職員のわいせつ行為など虐待が過去最多 三重県内の障害者福祉施設
三重県内の障害者福祉施設延べ22施設で2023年度、職員が施設の鍵を使って女性の居室に侵入しわいせつな行為をしたり、預かる銀行口座から計40万円近くを無断で引き出したりするなどの虐待が確認されていたことが朝日新聞の情報開示請求でわかった。障害者の住所地やもともとの住所地の市町が虐待を認定した。件数は前年度の2倍で過去最多だった。
開示された報告書などによれば、男性施設職員が23年9月、知的障害の女性にハグやキスなどのわいせつな行為をしていたことが判明した。夜間の勤務時間帯の計5回、施設の鍵を使って居室に無断で入り、性的虐待を繰り返した。

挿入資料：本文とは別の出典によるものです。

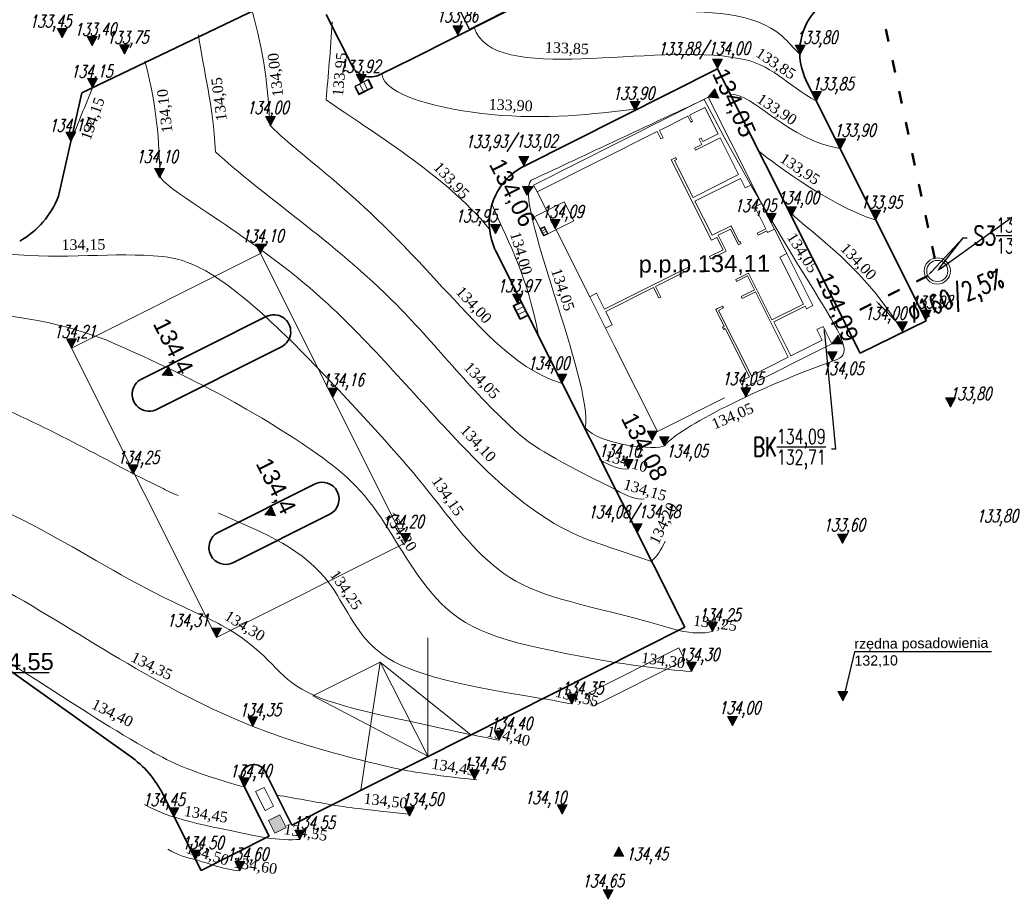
# Model space of a CAD drawing. Header units: metres. Extents: x 7472034 to 8440138, y 5890133 to 5961460.
# Tile 98 of 103: x 8439641 to 8439687, y 5890525 to 5890567. Entities that reach past the tile are written whole.
import ezdxf
from ezdxf import colors
from ezdxf.entities.mleader import LeaderData, LeaderLine
from ezdxf.math import Vec2, Vec3

# ---------------------------------------------------------------- set-up
doc = ezdxf.new("R2010")
doc.units = ezdxf.units.M
doc.header["$MEASUREMENT"] = 0
for name, pattern in [('$0$L218_500', [1, 0.5, -0.5]), ('ACAD_ISO03W100', [30, 12, -18]), ('CENTER', [2, 1.25, -0.25, 0.25, -0.25]), ('DASHDOT2', [0.5, 0.25, -0.125, 0, -0.125]), ('DASHED', [19.05, 12.7, -6.35]), ('HIDDEN', [0.375, 0.25, -0.125])]:
    doc.linetypes.add(name, pattern=pattern)
doc.layers.get('0').update_dxf_attribs({"linetype": 'CONTINUOUS', "lineweight": 5})
doc.layers.get('Defpoints').update_dxf_attribs({"linetype": 'CONTINUOUS'})
for name, color, linetype, lineweight in [('### rzędne', 172, 'CONTINUOUS', 5), ('_a_widok', 7, 'CONTINUOUS', 5), ('_IS.2P.KS.opis.1', 38, 'CONTINUOUS', 25), ('_IS.2P.KS.opis.2', 5, 'CONTINUOUS', 25), ('_IS.2P.KS.rura', 32, 'ACAD_ISO03W100', 50), ('_IS.2P.studnia', 212, 'CONTINUOUS', 15), ('_IS.KD.krata', 114, 'CONTINUOUS', 30), ('_IS.KS.doziemna.opis', 38, 'CONTINUOUS', 30), ('_IS.KS.doziemna.rura', 34, 'ACAD_ISO03W100', 50), ('_IS.P.KS.studnia', 44, 'CONTINUOUS', 15), ('_IS_kd_krata', 114, 'CONTINUOUS', 30), ('a___ogony', 7, 'CONTINUOUS', 5), ('a_opisy', 7, 'CONTINUOUS', 18)]:
    doc.layers.add(name, color=color, linetype=linetype, lineweight=lineweight)
doc.layers.add('_IS_NO', color=11, linetype='CONTINUOUS', lineweight=20, plot=False)
for name, color, linetype in [('kraw', 4, 'CONTINUOUS'), ('Sciany cienkie', 5, 'CONTINUOUS'), ('Ściany grube', 51, 'CONTINUOUS')]:
    doc.layers.add(name, color=color, linetype=linetype)
doc.styles.add('ARIAL', font='arial.ttf')
doc.styles.add('RS', font='Romans.shx', dxfattribs={"width": 0.7})
doc.styles.add('style2', font='romans.shx', dxfattribs={"width": 0.7, "oblique": 15})
doc.styles.add('wojtek 1', font='times.ttf', dxfattribs={"height": 0.6})

# ---------------------------------------------------------------- blocks, each defined once
blk = doc.blocks.new('zb.LPG')
at = {"linetype": 'DASHDOT2', "ltscale": 2}
blk.add_line((-1, 6.485), (-1, -0.217), dxfattribs=at)
at = {"linetype": 'HIDDEN', "ltscale": 2}
for p, q in [((-0.375, 5.712), (-1.625, 5.712)), ((-0.375, 0.626), (-1.625, 0.626))]:
    blk.add_line(p, q, dxfattribs=at)
at = {"linetype": 'DASHED'}
blk.add_line((-1.625, 0.626), (-0.375, 0.626), dxfattribs=at)
at = {"color": 0, "linetype": 'DASHED'}
blk.add_line((-1.625, 0.626), (-0.375, 0.626), dxfattribs=at)
at = {"color": 0, "linetype": 'HIDDEN', "ltscale": 2}
blk.add_line((-0.375, 0.626), (-1.625, 0.626), dxfattribs=at)
at = {"linetype": 'HIDDEN', "ltscale": 2}
blk.add_lwpolyline([(-0.375, 0.626), (-0.375, 5.712, 0.167054), (-0.407, 5.804, 0.488428), (-1.593, 5.804, 0.167054), (-1.625, 5.712), (-1.625, 0.626, 0.167054), (-1.593, 0.533, 0.488428), (-0.407, 0.533, 0.167054), (-0.375, 0.626), (-0.375, 5.712)], format="xyb", close=True, dxfattribs=at)
at = {"color": 0, "lineweight": 20, "ltscale": 2}
blk.add_circle((-1, 0.997), 0.6, dxfattribs=at)
at = {"color": 0, "linetype": 'HIDDEN', "ltscale": 0.5}
blk.add_circle((-1, 0.997), 0.3, dxfattribs=at)
at = {"layer": 'kraw', "color": 0}
blk.add_line((0.602, 0.237), (0.602, 3.01), dxfattribs=at)
for points in [[(0.602, 0.237), (-2.098, 0.237), (-2.1, 3.01), (0.602, 3.01)], [(-0.398, 2.507), (-1.598, 2.507), (-1.598, 0.737), (-0.398, 0.737), (-0.398, 2.507)]]:
    blk.add_lwpolyline(points, dxfattribs=at)
blk = doc.blocks.new('A$C62546305')
at = {"color": 0}
blk.add_lwpolyline([(4.626, 2.176), (0.292, 0), (0, 0.581), (4.335, 2.757)], close=True, dxfattribs=at)
blk = doc.blocks.new('23123')
at = {"layer": 'a_opisy', "linetype": '$0$L218_500'}
blk.add_hatch(color=250, dxfattribs=at).paths.add_polyline_path([(8443019.233, 5888878.045), (8443018.761, 5888878.045), (8443018.289, 5888878.045), (8443018.761, 5888877.161)])
at = {"layer": 'a_opisy', "color": 250, "linetype": 'CENTER'}
for points in [[(8443018.289, 5888878.045), (8443018.761, 5888878.045)], [(8443019.233, 5888878.045), (8443018.761, 5888877.161), (8443018.289, 5888878.045)], [(8443018.289, 5888878.045), (8443018.761, 5888877.161), (8443019.233, 5888878.045)], [(8443019.233, 5888878.045), (8443018.761, 5888878.045)]]:
    blk.add_lwpolyline(points, dxfattribs=at)
blk = doc.blocks.new('WPUST_UL')
for points in [[(0, 0.5), (0, -0.5)], [(0, 0.5), (0.6, 0.5)], [(0.6, 0.5), (0.6, -0.5)], [(0, -0.5), (0.6, -0.5)]]:
    blk.add_lwpolyline(points)
at = {"lineweight": 0}
for points in [[(0, 0.45), (0.55, 0.45)], [(0, 0.15), (0.55, 0.15)], [(0.55, 0.45), (0.55, -0.45)], [(0, -0.15), (0.55, -0.15)], [(0, -0.45), (0.55, -0.45)]]:
    blk.add_lwpolyline(points, dxfattribs=at)
blk = doc.blocks.new('A$C2C426404')
at = {"layer": '### rzędne', "color": 0, "lineweight": 25}
for p, q in [((91.089, 11.691, 0), (90.529, 9.379, 0)), ((97.562, 11.691, 0), (91.089, 11.691, 0)), ((53.001, 10.703), (49.571, 10.703))]:
    blk.add_line(p, q, dxfattribs=at)
at = {"layer": '_IS_NO', "ltscale": 0.1}
for points, knots in [([(76.845, 43.111), (78.812, 40.835, 0), (85.687, 43.385, 0), (88.216, 40.226), (88.511, 39.942)], [0, 0, 0, 0, 11.000491, 12.22465, 12.22465, 12.22465, 12.22465]), ([(63.464, 36.558), (63.427, 36.635), (63.361, 38.252), (63.183, 39.934), (62.566, 42.111)], [11.646483, 11.646483, 11.646483, 11.646483, 11.976043, 17.595406, 17.595406, 17.595406, 17.595406]), ([(58.262, 34.115), (58.261, 34.12), (58.179, 35.31), (58.202, 37.152), (57.525, 39.623)], [27.640229, 27.640229, 27.640229, 27.640229, 27.660208, 33.219923, 33.219923, 33.219923, 33.219923]), ([(68.727, 39.024), (68.801, 37.999), (74.478, 36.614), (78.665, 37.11), (80.839, 37.367)], [0, 0, 0, 0, 5.970908, 12.41121, 12.41121, 12.41121, 12.41121]), ([(81.489, 15.975), (78.876, 16.847), (76.265, 17.79), (72.038, 21.677), (65.099, 30.094), (58.799, 33.345), (58.262, 34.115)], [0, 0, 0, 0, 1.278992, 7.78914, 15.747501, 27.640229, 27.640229, 27.640229, 27.640229]), ([(42.69, 28.464, 0), (46.627, 28.075, 0), (50.487, 27.807), (53.911, 27.05), (55.068, 26.674, 0), (55.697, 26.442, 0)], [0, 0, 0, 0, 7.505719, 9.158785, 11.091733, 11.091733, 11.091733, 11.091733]), ([(55.697, 26.442, 0), (60.477, 24.375, 0), (65.415, 21.386, 0), (68.422, 18.986, 0), (71.61, 12.738), (75.293, 11.986, 0), (79.754, 11.201)], [13.088169, 13.088169, 13.088169, 13.088169, 21.718315, 28.557775, 34.100305, 40.719731, 40.719731, 40.719731, 40.719731]), ([(27.676, 23.093, 0), (31.683, 23.091, 0), (38.091, 23.52, 0), (46.019, 20.448), (52.027, 18.016, 0), (57.481, 14.611, 0), (63.15, 12.168), (64.016, 9.527), (68.706, 8.717), (72.938, 7.781)], [0, 0, 0, 0, 11.95042, 19.079166, 25.479803, 30.852027, 32.945282, 39.663049, 46.673462, 46.673462, 46.673462, 46.673462]), ([(62.246, 5.304), (59.696, 6.006), (55.622, 8.042), (50.426, 11.821), (48.682, 12.553)], [0, 0, 0, 0, 3.912495, 17.364391, 17.364391, 17.364391, 17.364391])]:
    blk.add_open_spline(points, degree=3, knots=knots, dxfattribs=at)
at = {"layer": '_IS_NO'}
for points, knots in [([(66.38, 41.481), (66.319, 40.174), (66.18, 38.921), (66.105, 37.796), (66.105, 37.796)], [0, 0, 0, 0, 3.695944, 3.695946, 3.695946, 3.695946, 3.695946]), ([(79.789, 19.367), (76.358, 21.056), (73.543, 23.25), (68.811, 29.554), (62.944, 33.401), (60.86, 35.338), (60.86, 35.338)], [0, 0, 0, 0, 2.17638, 10.046145, 21.988812, 21.988815, 21.988815, 21.988815, 21.988815]), ([(50.623, 30.563, 0), (53.117, 30.213), (56.385, 30.674), (60.995, 30.046), (68.193, 22.544, 0), (70.877, 19.461, 0), (74.712, 14.319, 0), (78.888, 13.861), (82.756, 12.708)], [0, 0, 0, 0, 7.578699, 9.671954, 16.276555, 24.333707, 30.359151, 36.793543, 36.793543, 36.793543, 36.793543]), ([(34.698, 26.62, 0), (40.872, 26.411, 0), (49.613, 24.402), (56.18, 20.44, 0), (58.83, 19.205, 0), (59.094, 19.084, 0)], [0, 0, 0, 0, 10.980308, 19.583014, 20.554106, 20.554106, 20.554106, 20.554106]), ([(22.248, 20.37, 0), (26.428, 20.368, 0), (34.774, 19.718, 0), (38.927, 20.042, 0), (43.773, 17.836, 0), (51.081, 15.064, 0), (58.09, 9.696, 0), (65.348, 7.092, 0), (69.646, 6.131)], [0, 0, 0, 0, 12.098682, 16.721593, 20.958009, 26.678391, 41.18454, 48.39981, 48.39981, 48.39981, 48.39981]), ([(61.004, 18.253, 0), (63.266, 17.292, 0), (66.215, 16.034, 0), (68.003, 11.123, 0), (71.872, 10.223, 0), (76.345, 9.48)], [23.002029, 23.002029, 23.002029, 23.002029, 32.142543, 37.869695, 44.681325, 44.681325, 44.681325, 44.681325])]:
    blk.add_open_spline(points, degree=3, knots=knots, dxfattribs=at)
for points in [[(73.102, 41.223), (73.908, 38.433), (81.688, 40.537), (85.605, 39.753)], [(60.06, 40.864), (60.327, 39.022), (60.736, 37.664), (60.86, 35.338)], [(85.605, 39.753), (87.147, 39.518), (87.851, 38.506), (89.298, 37.733)], [(66.105, 37.796), (68.216, 36.281), (71.672, 34.295), (73.826, 31.679)], [(83.971, 37.814, 0), (89.25, 27.789, 0), (91.694, 25.925, 0), (90.128, 25.478)], [(86.571, 35.356), (86.778, 35.197), (89.808, 32.793), (92.067, 32.125)], [(78.353, 22.293), (78.743, 24.422, 0), (74.904, 33.041, 0), (75.791, 33.989, 0)], [(90.128, 25.478), (85.987, 23.981), (82.608, 22.151), (82.11, 21.443)], [(82.11, 21.443), (81.73, 21.196), (78.998, 21.491), (78.353, 22.293)], [(79.789, 19.367), (80.352, 19.039), (80.783, 18.88), (81.138, 18.927)], [(82.756, 12.708), (83.475, 12.565), (83.903, 12.552), (84.375, 12.665)], [(76.345, 9.48), (76.79, 9.424), (77.377, 9.292), (77.713, 9.239)], [(69.646, 6.131), (70.109, 6.046), (71.043, 5.874), (73.204, 5.652)], [(57.503, 4.483), (58.765, 3.776), (60.042, 3.557), (63.26, 2.904)], [(63.26, 2.904), (63.817, 2.818), (64.434, 2.805), (64.854, 2.826)]]:
    blk.add_open_spline(points, degree=3, dxfattribs=at)
for points in [[(55.049, 38.369), (54.018, 35.818)], [(75.791, 33.989, 0), (83.971, 37.814, 0)]]:
    blk.add_spline(points, degree=3, dxfattribs=at)
at = {"layer": '_IS_NO', "ltscale": 0.1}
for points in [[(85.212, 38.064), (86.232, 38.139), (87.987, 35.871), (90.406, 35.494)], [(71.576, 28.948), (67.44, 33.577), (65.164, 34.897), (63.464, 36.558)], [(76.142, 26.612, 0), (75.615, 29.5, 0), (74.777, 30.886, 0), (73.968, 32.795)], [(87.95, 32.61), (88.541, 31.769), (91.2, 30.376), (93.354, 26.847)], [(71.576, 28.948), (73.095, 27.438), (74.836, 25.12), (77.254, 24.381)], [(79.032, 20.784), (79.595, 20.456), (80.026, 20.297), (80.382, 20.344)], [(81.489, 15.975), (81.766, 16.246), (81.903, 16.462), (82.128, 16.928)], [(79.754, 11.201), (80.199, 11.123), (82.028, 10.864), (83.369, 10.773)], [(72.93, 7.787), (73.376, 7.697), (73.976, 7.578), (74.28, 7.516)], [(66.35, 4.469), (66.855, 4.391), (67.488, 4.28), (69.994, 4.029)], [(58.615, 2.363), (59.107, 2.069), (59.525, 1.962), (59.931, 1.873)], [(59.931, 1.873), (60.001, 1.851), (60.303, 1.751), (60.712, 1.632)], [(60.712, 1.632), (61.218, 1.466), (61.649, 1.383), (62.022, 1.339)]]:
    blk.add_open_spline(points, degree=3, dxfattribs=at)
blk.add_spline([(63.767, 4.927), (66.35, 4.469)], degree=3, dxfattribs=at)
at = {"layer": '### rzędne', "color": 0, "linetype": '$0$L218_500', "lineweight": 25, "xscale": 0.5, "yscale": 0.5, "zscale": 0.5}
for p in [(-4221455.764, -2944397.857), (-4221437.05, -2944397.732, 0), (-4221454.348, -2944398.24), (-4221452.823, -2944398.62), (-4221420.869, -2944398.638), (-4221424.773, -2944399.312), (-4221454.332, -2944400.212), (-4221420.098, -2944400.832), (-4221445.92, -2944402.014), (-4221455.362, -2944402.762), (-4221418.94, -2944403.069, 0), (-4221433.938, -2944403.912), (-4221451.166, -2944404.468), (-4221421.277, -2944406.279), (-4221422.236, -2944406.602, 0), (-4221417.279, -2944406.438), (-4221435.27, -2944407.114), (-4221432.449, -2944406.892, -0.002), (-4221446.382, -2944408.044), (-4221414.899, -2944411.165), (-4221416.024, -2944411.729), (-4221455.323, -2944412.521), (-4221419.344, -2944413.144), (-4221432.131, -2944414.192), (-4221442.969, -2944414.859), (-4221423.43, -2944414.838), (-4221413.758, -2944415.315), (-4221427.862, -2944416.893, 0), (-4221427.289, -2944417.158, 0), (-4221452.404, -2944418.487), (-4221428.999, -2944418.236), (-4221428.58, -2944421.268), (-4221439.531, -2944421.724), (-4221418.87, -2944421.755), (-4221425.005, -2944425.916), (-4221448.472, -2944426.202), (-4221426.011, -2944427.808), (-4221418.851, -2944429.201, 0), (-4221431.665, -2944429.361), (-4221446.758, -2944430.404, 0), (-4221424.065, -2944430.381), (-4221435.101, -2944431.065), (-4221436.266, -2944432.925), (-4221447.143, -2944433.274), (-4221450.484, -2944434.694), (-4221439.334, -2944434.651, 0), (-4221432.114, -2944434.561), (-4221444.526, -2944435.755), (-4221449.467, -2944436.703), (-4221447.358, -2944437.242), (-4221429.94, -2944438.581)]:
    blk.add_blockref('23123', p, dxfattribs=at)
at = {"layer": '### rzędne', "color": 0, "linetype": '$0$L218_500', "lineweight": 25}
for p, xscale, yscale, zscale, rotation in [((-4397377.273, 2674583.277, 0), 0.5, 0.5, 0.5, 293.7967572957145), ((4514875.635, -2471290.482, 0), 0.4999999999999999, 0.4999999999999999, 0.4999999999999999, 116.409270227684), ((-4529725.948, 2443717.59, 0), 0.5, 0.5, 0.5, 296.7593659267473), ((-4397403.096, 2674570.14), 0.5, 0.5, 0.5, 293.7967572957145), ((-4397398.238, 2674563.536), 0.5, 0.5, 0.5, 293.7967572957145), ((4221589.319, 2944441.057), 0.5, 0.5, 0.5, 180)]:
    blk.add_blockref('23123', p, dxfattribs=dict(at, xscale=xscale, yscale=yscale, zscale=zscale, rotation=rotation))
at = {"layer": '_IS.KD.krata', "color": 0, "lineweight": 25, "xscale": 0.7272727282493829, "yscale": 0.7272727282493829, "zscale": 0.7272727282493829}
for p, rotation in [((67.774, 38.592), 296.7218899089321), ((75.493, 27.923, 0), 206.6609883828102)]:
    blk.add_blockref('WPUST_UL', p, dxfattribs=dict(at, rotation=rotation))
at = {"layer": '_IS.KD.krata', "color": 0, "lineweight": 25, "xscale": 0.5, "yscale": 0.5, "zscale": 0.5}
for p in [(-4221441.63, -2944400.037, 0), (-4221428.667, -2944401.309, 0), (-4221434.231, -2944410.421, 0)]:
    blk.add_blockref('23123', p, dxfattribs=at)
at = {"layer": '_IS_kd_krata', "lineweight": 25, "xscale": 0.3636363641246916, "yscale": 0.3636363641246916, "zscale": 0.3636363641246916, "rotation": 206.974575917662}
blk.add_blockref('WPUST_UL', (76.499, 31.628), dxfattribs=at)
at = {"layer": '### rzędne', "color": 0, "linetype": 'CENTER', "lineweight": 25, "attachment_point": 1}
for s, insert, char_height, rotation, style in [('133,86', (71.304, 42.05, 0), 0.6, 0.4319, 'style2'), ('133,45', (52.062, 41.804), 0.6, 0.4319, 'style2'), ('133,40', (54.185, 41.421), 0.6, 0.4319, 'style2'), ('133,75', (55.71, 41.04), 0.6, 0.4319, 'style2'), ('133,80', (88.295, 41.037), 0.6, 0.4319, 'style2'), ('133,88/134,00', (81.782, 40.5), 0.6, 0.4319, 'style2'), ('133,92', (66.672, 39.668, 0), 0.6, 0.4319, 'style2'), ('134,15', (54.011, 39.433), 0.6, 0.4319, 'style2'), ('134,05', (85.064, 39.384, 0), 0.8, 294.2287, 'ARIAL'), ('133,85', (89.067, 38.843), 0.6, 0.4319, 'style2'), ('133,90', (79.635, 38.396, 0), 0.6, 0.4319, 'style2'), ('134,00', (62.341, 37.718), 0.6, 0.4319, 'style2'), ('134,15', (52.981, 36.882), 0.6, 0.4319, 'style2'), ('133,90', (90.104, 36.649, 0), 0.6, 0.4319, 'style2'), ('133,93/133,02', (72.675, 36.122), 0.6, 0.4319, 'style2'), ('134,10', (57.096, 35.405), 0.6, 0.4319, 'style2'), ('134,06', (74.497, 35.114, 0), 0.8, 296.8412, 'ARIAL'), ('134,05', (85.4, 33.086, 0), 0.6, 0.4319, 'style2'), ('134,00', (87.424, 33.462), 0.6, 0.4319, 'style2'), ('133,95', (91.352, 33.248), 0.6, 0.4319, 'style2'), ('133,95', (72.198, 32.598), 0.6, 0.4319, 'style2'), ('134,09', (76.285, 32.802, -0.002), 0.6, 0.4319, 'style2'), ('134,15', (49.189, 31.698, 0), 0.6, 0.4319, 'style2'), ('134,10', (62.104, 31.649), 0.6, 0.4319, 'style2'), ('p.p.p.134,11', (80.874, 30.424, 0), 0.8, 0.4319, 'ARIAL'), ('134,09', (89.972, 29.732, 0), 0.8, 293.2161, 'ARIAL'), ('133,97', (74.187, 29.292, 0), 0.6, 0.4319, 'style2'), ('133,98', (93.732, 28.522), 0.6, 0.4319, 'style2'), ('134,00', (91.554, 27.992), 0.6, 0.4319, 'style2'), ('134,21', (53.21, 27.132), 0.6, 0.4319, 'style2'), ('134,4', (58.6, 27.575, 0), 0.8, 296.8412, 'ARIAL'), ('134,00', (75.622, 25.635), 0.6, 0.4319, 'style2'), ('134,05', (89.526, 25.381), 0.6, 0.4319, 'style2'), ('134,16', (65.905, 24.843), 0.6, 0.4319, 'style2'), ('134,05', (84.809, 24.901, 0), 0.6, 0.4319, 'style2'), ('133,80', (95.578, 24.197), 0.6, 0.4319, 'style2'), ('134,08', (80.734, 23.105, 0), 0.8, 297.0849, 'ARIAL'), ('134,10', (78.982, 21.498, 0), 0.6, 0.4319, 'style2'), ('134,05', (82.163, 21.485, 0), 0.6, 0.4319, 'style2'), ('134,25', (56.216, 21.179), 0.6, 0.4319, 'style2'), ('134,4', (63.459, 20.972, 0), 0.8, 296.8412, 'ARIAL'), ('134,08/134,18', (78.483, 18.603), 0.6, 0.4319, 'style2'), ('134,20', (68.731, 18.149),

11月、女性が婦人科医師や警察に相談し発覚した。虐待を認定した鈴鹿市は未然防止の取り組みが不十分として「運営法人の責任も重大」と断じた。
別の施設では7月、知的障害の女性から、男性生活支援員に「胸を触られ、怖かった」と女性支援員に訴えがあった。
桑名市が男性支援員から聴き取ると、発覚までの約3カ月間で10回程度の行為を認めたため、性的虐待と認定した。商品を保管する部屋で、2人きりで最終確認の作業をしていた時の行為だった。
男性支援員は「業務に1人で対応し判断するしんどさ、家庭環境のしんどさがあり、ストレスの発散先として虐待行為がエスカレートしていった」と説明したという。
別の施設では、職員が知的障害の男性利用者名義の銀行口座から22年6月~23年12月、1回1万~2万円程度の出金を繰り返し、計37万8千円を引き出し、使った。津市は経済的虐待と認定した。
職員は利用者の通帳を預かっており、工賃が入金されていた。法人が利用者からキャッシュカード発行の希望があったため銀行に依頼すると、発行済みだと分かり、12月に無断出金が判明した。職員は「生活費の足しにした」と出金を認め、法人が返済した。
4月には、別の施設の食堂で、他の職員を指導する立場の年長の男性職員が知的障害の男性利用者の服の袖を縛った。利用者は別の職員に結びを解いてもらう際に失禁した。
施設は行政に速やかに通報する義務も怠り、四日市市が把握したのは2カ月以上後だった。市は身体的と心理的の両虐待を認定した。この職員は16年にも暴言による心理的虐待が認定されていた。
8月には別の施設で、作業中に居眠りした精神障害の女性に対し職員が、ハサミで机をたたくなどして怒鳴った。泣き出したり、ひどく恐怖を覚えたりした障害者もいた。亀山市は心理的虐待を認定した。
24年2月には別の施設で、職員に「死ね」と繰り返した知的障害の男性に対し、職員が男性の頭を平手打ちし、胸ぐらをつかんで左側頭部をげんこつで5、6回殴った。作業場の女性2人が泣き出した。亀山市は身体的虐待と認定した。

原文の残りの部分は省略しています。